Benjamin frowns. “That sounds far too abstract.”
“In what sense?”
“Like the goal—what is that, more precisely?”
“A state of the world you want to achieve, or a series of states.”
“But how would you specify that?”
“You can describe it in infinitely many ways. There’s a scale of detail you can choose, which implies a level of approximation of the state.”
“That won’t describe the state completely, though?”
“Well, maybe if you could describe to the quantum state level, but that’s obviously impractical.”
“So then the AI must somehow interpret your goal, right?”
“Not exactly, but you mean it would have to interpolate to fill in the under-specified parts of your goal description?”

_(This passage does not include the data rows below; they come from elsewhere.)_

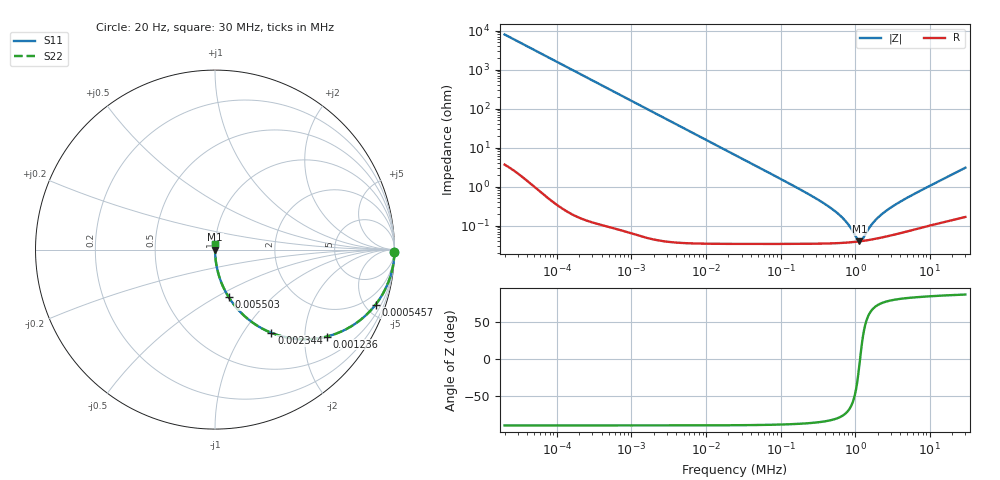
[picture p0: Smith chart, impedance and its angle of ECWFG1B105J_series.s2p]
!  *** S-Parameter ***
!  Copyright (C) Panasonic Industry
!  Plastic Film Capacitor (ECWFG)
!  Parts No. ECWFG1B105J
!  Connection Mode : Series
!  1  o---||---o  2
!  GND o--------o GND
!  Conditions : Temperature = 20   DC Bias = 0 V
! Frequency Range : 20 Hz  -  30 MHz  [ 401 Steps ]
# Hz S RI R 50
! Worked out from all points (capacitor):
!   401 points, 20 Hz to 30 MHz, reference 50 ohm
!   read as one part in series: C = 1 uF near 21.47 Hz
!   lowest |Z| = 39.9 mohm at 1.139 MHz (marker M1)
!   series resonance near 1.163 MHz, so ESL is about 19 nH
!   S11 on the Smith chart (normalised r, x): 20 Hz: open; 545.7 Hz: 1.00, -5.82; 1.236 kHz: 1.00, -2.57; 2.344 kHz: 1.00, -1.35; 5.503 kHz: 1.00, -0.58; 30 MHz: 1.00, +0.06
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20  0.9998 -0.0126  0.000165 0.0126  0.000165 0.0126  0.9998 -0.0126
80.02006  0.9975 -0.0503  0.00255 0.0503  0.00255 0.0503  0.9975 -0.0503
216.5336  0.9817 -0.1339  0.0183 0.1339  0.0183 0.1339  0.9817 -0.1339
545.7217  0.8942 -0.3074  0.1058 0.3074  0.1058 0.3074  0.8942 -0.3074
806.8889  0.7946 -0.4038  0.2054 0.4038  0.2054 0.4038  0.7946 -0.4038
1236.222  0.6225 -0.4845  0.3775 0.4845  0.3775 0.4845  0.6225 -0.4845
2344.34  0.3146 -0.464  0.6854 0.464  0.6854 0.464  0.3146 -0.464
3591.727  0.1637 -0.3696  0.8363 0.3696  0.8363 0.3696  0.1637 -0.3696
5502.829  0.0771 -0.2662  0.9229 0.2662  0.9229 0.2662  0.0771 -0.2662
11204.45  0.02 -0.1388  0.98 0.1388  0.98 0.1388  0.02 -0.1388
24494.9  0.00452 -0.0645  0.9955 0.0645  0.9955 0.0645  0.00452 -0.0645
265198.4  0.000375 -0.00567  0.9996 0.00567  0.9996 0.00567  0.000375 -0.00567
452037.4  0.000358 -0.00297  0.9996 0.00297  0.9996 0.00297  0.000358 -0.00297
645025.1  0.000362 -0.00169  0.9996 0.00169  0.9996 0.00169  0.000362 -0.00169
798395.3  0.00037 -0.00104  0.9996 0.00104  0.9996 0.00104  0.00037 -0.00104
1061060  0.000388 -0.000247  0.9996 0.000247  0.9996 0.000247  0.000388 -0.000247
1139253  0.000395 -5.51e-05  0.9996 5.51e-05  0.9996 5.51e-05  0.000395 -5.51e-05
1267480  0.000406 0.000232  0.9996 -0.000232  0.9996 -0.000232  0.000406 0.000232
1874060  0.000462 0.00131  0.9995 -0.00131  0.9995 -0.00131  0.000462 0.00131
2871218  0.000555 0.00269  0.9994 -0.00269  0.9994 -0.00269  0.000555 0.00269
6276987  0.000839 0.00653  0.9992 -0.00653  0.9992 -0.00653  0.000839 0.00653
3e7  0.00259 0.0303  0.9974 -0.0303  0.9974 -0.0303  0.00259 0.0303
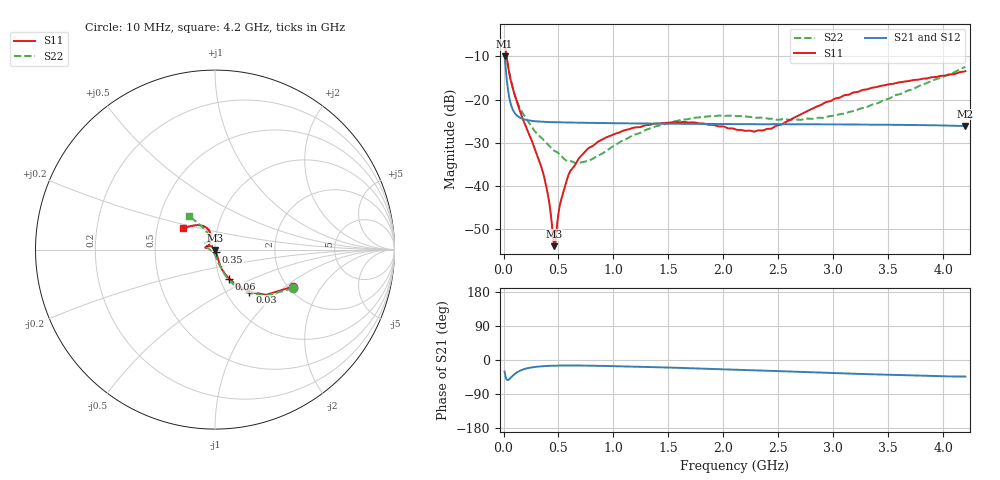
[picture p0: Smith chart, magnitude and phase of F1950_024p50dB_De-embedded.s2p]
! Integrated Device Technology
! Corporate Headquarters
! 6024 Silver Creek Valley Road
! San Jose, CA 95138  USA
! Phone:  1-408-284-8200
! Toll Free:  1-800-223-1366
! Webpage:  http://www.idt.com/
! Timing and RF Division
! 515 Groton Road, Suite 102
! Westford, MA 01886-6024
! Device:  F1950
! Description: 7-bit 0.25 dB Digital Step Attenuator
! Frequency:  150.0 -  4000.00 MHz
! Package:  4x4 mm Thin QFN Plastic Package: 24 pin
! Ports:  2 RF, 12 DC
!  Pin  1  = D0
!  Pin  2  = VDD
!  Pin  3  = Vmode
!  Pin  4  = GND
!  Pin  5  = RF1  =  Port 1
!  Pin  6  = GND
!  Pin  7  = GND
!  Pin  8  = GND
!  Pin  9  = GND
!  Pin 10  = GND
!  Pin 11  = GND
!  Pin 12  = GND
!  Pin 13  = GND
!  Pin 14  = RF2  =  Port 2
!  Pin 15  = GND
!  Pin 16  = LE
!  Pin 17  = CLK
!  Pin 18  = DATE
!  Pin 19  = D6
!  Pin 20  = D5
!  Pin 21  = D4
!  Pin 22  = D3
!  Pin 23  = D2
!  Pin 24  = D1
! State:  98
! Atten State:  24.50 dB
! Voltage:  +5.00 Volts
! Current:  Not Measured mA
! Data:  The device was measured on a the F195X evaluation board which has
!  individual transmission lines to the RF pins.  Data was collected
!  using a calibrated network analyzer.  The evaluation board was
!  de-embedded using a TRL calibration technique.
!  The reference plane is the edge of the package pin.
! Misc:  Board 2019
!  Action Tracker AT0250
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# GHz S dB R 50
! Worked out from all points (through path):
!   420 points, 10 MHz to 4.2 GHz, reference 50 ohm
!   highest |S21| = -9.98 dB at 10 MHz (marker M1); lowest = -26.1 dB at 4.2 GHz (marker M2)
!   group delay of S21, straight-line fit = 18 ps
!   lowest |S11| = -54.0 dB at 460 MHz (marker M3), VSWR 1.00, Z = 49.8 - j0.132 ohm
!   |S11| at or under -10 dB: 28.17 MHz to end of sweep
!   |S22| runs from -34.8 to -6.3 dB; largest |S21 - S12| = 0.0001
!   S11 on the Smith chart (normalised r, x): 10 MHz: 2.12, -1.14; 30 MHz: 1.28, -0.66; 60 MHz: 1.11, -0.37; 350 MHz: 1.01, -0.03; 4.2 GHz: 0.68, +0.17
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0.01  -6.37 -25.4  -9.98 -30.8  -9.98 -30.8  -6.30 -26.4
0.03  -10.36 -50.7  -15.45 -52.1  -15.45 -52.1  -10.29 -52.2
0.06  -14.86 -63.9  -20.44 -48.5  -20.44 -48.5  -14.65 -65.4
0.1  -18.76 -70.6  -23.04 -37.4  -23.04 -37.3  -18.74 -71.0
0.15  -22.71 -72.6  -24.19 -28.3  -24.19 -28.3  -21.99 -75.2
0.35  -36.12 -71.1  -25.13 -16.5  -25.13 -16.5  -28.97 -85.7
0.4  -41.55 -76.0  -25.19 -15.6  -25.19 -15.6  -30.32 -87.7
0.45  -51.63 -111.0  -25.24 -15.1  -25.24 -15.1  -31.63 -93.9
0.46  -53.96 -138.8  -25.24 -15.0  -25.24 -15.0  -31.81 -95.6
0.48  -50.90 164.3  -25.26 -14.9  -25.26 -14.9  -32.10 -98.5
0.52  -43.61 144.5  -25.28 -14.6  -25.28 -14.6  -32.88 -101.9
0.58  -38.30 137.6  -25.31 -14.5  -25.31 -14.5  -34.18 -113.9
0.71  -32.95 139.3  -25.37 -14.7  -25.37 -14.7  -34.52 -138.5
0.99  -28.17 148.3  -25.47 -16.1  -25.47 -16.2  -30.94 -178.5
1.41  -25.53 163.8  -25.57 -19.3  -25.57 -19.3  -26.02 161.7
1.73  -25.28 169.1  -25.62 -21.9  -25.61 -21.9  -24.23 153.2
2.11  -26.91 159.2  -25.67 -25.7  -25.67 -25.7  -23.82 143.5
2.43  -26.74 128.0  -25.70 -28.5  -25.70 -28.5  -24.43 133.0
2.81  -22.12 106.4  -25.73 -32.4  -25.73 -32.4  -24.45 117.8
3.1  -18.99 107.8  -25.76 -35.3  -25.76 -35.4  -23.22 112.8
3.51  -16.43 118.1  -25.82 -39.2  -25.82 -39.2  -19.73 114.4
4.2  -13.41 145.9  -26.13 -43.7  -26.13 -43.8  -12.43 127.7

“Yes, that’s a good way to put it.”
“Then what we’ve discovered is another axis, orthogonal to alignment, which controls to what level of under-specification we want the AI to interpolate versus where it needs to ask you to fill in gaps before pursuing your goal.”
“We can’t be saying ‘Create a picture of a dog’ and then need to specify each pixel.”
“Of course not. But perhaps the AI should ask whether you want the picture on paper or digitally, using a reasonable threshold for necessary clarification.”
“People want things they don’t actually need though...”
“And they can end up in a bad state even with an aligned AI.”
“So how do you make alignment guarantee good outcomes? People are stupid...”
“And that’s on them. You can call it incompetence, but I’d call it misuse.”
- Martin Vlach 12 May 2025 10:52 UTC
  1 point
  0
  Parent
  You mean the chevrons like this is non-standard, but also sub-standard, although it has the neat property to represent >Speaker one< and >>Speaker two<<? I can see the typography of those here is meh at best.-\
  - Robert Cousineau 13 May 2025 1:54 UTC
    2 points
    0
    Parent
    I personally have not seen that style of writing dialogue before, and did not recognize that was what you were doing until reading this comment from you. It along with the typos made it difficult for me to understand, so I had Claude copy edit it for me (and then figured maybe someone else would find that useful).
Robert Cousineau 13 May 2025 1:57 UTC
2 points
0
In response to what I understand to be your question (“So what do you do to make the alignment guarantee good outcomes? People are stupid..”), I think one commonly accepted answer here is:

Yes, that is a real problem. Something like CEV offers a solution (with a spherical cow, in a vacuum).

There is also a useful differentiation to be made between Inner Alignment and Outer Alignment.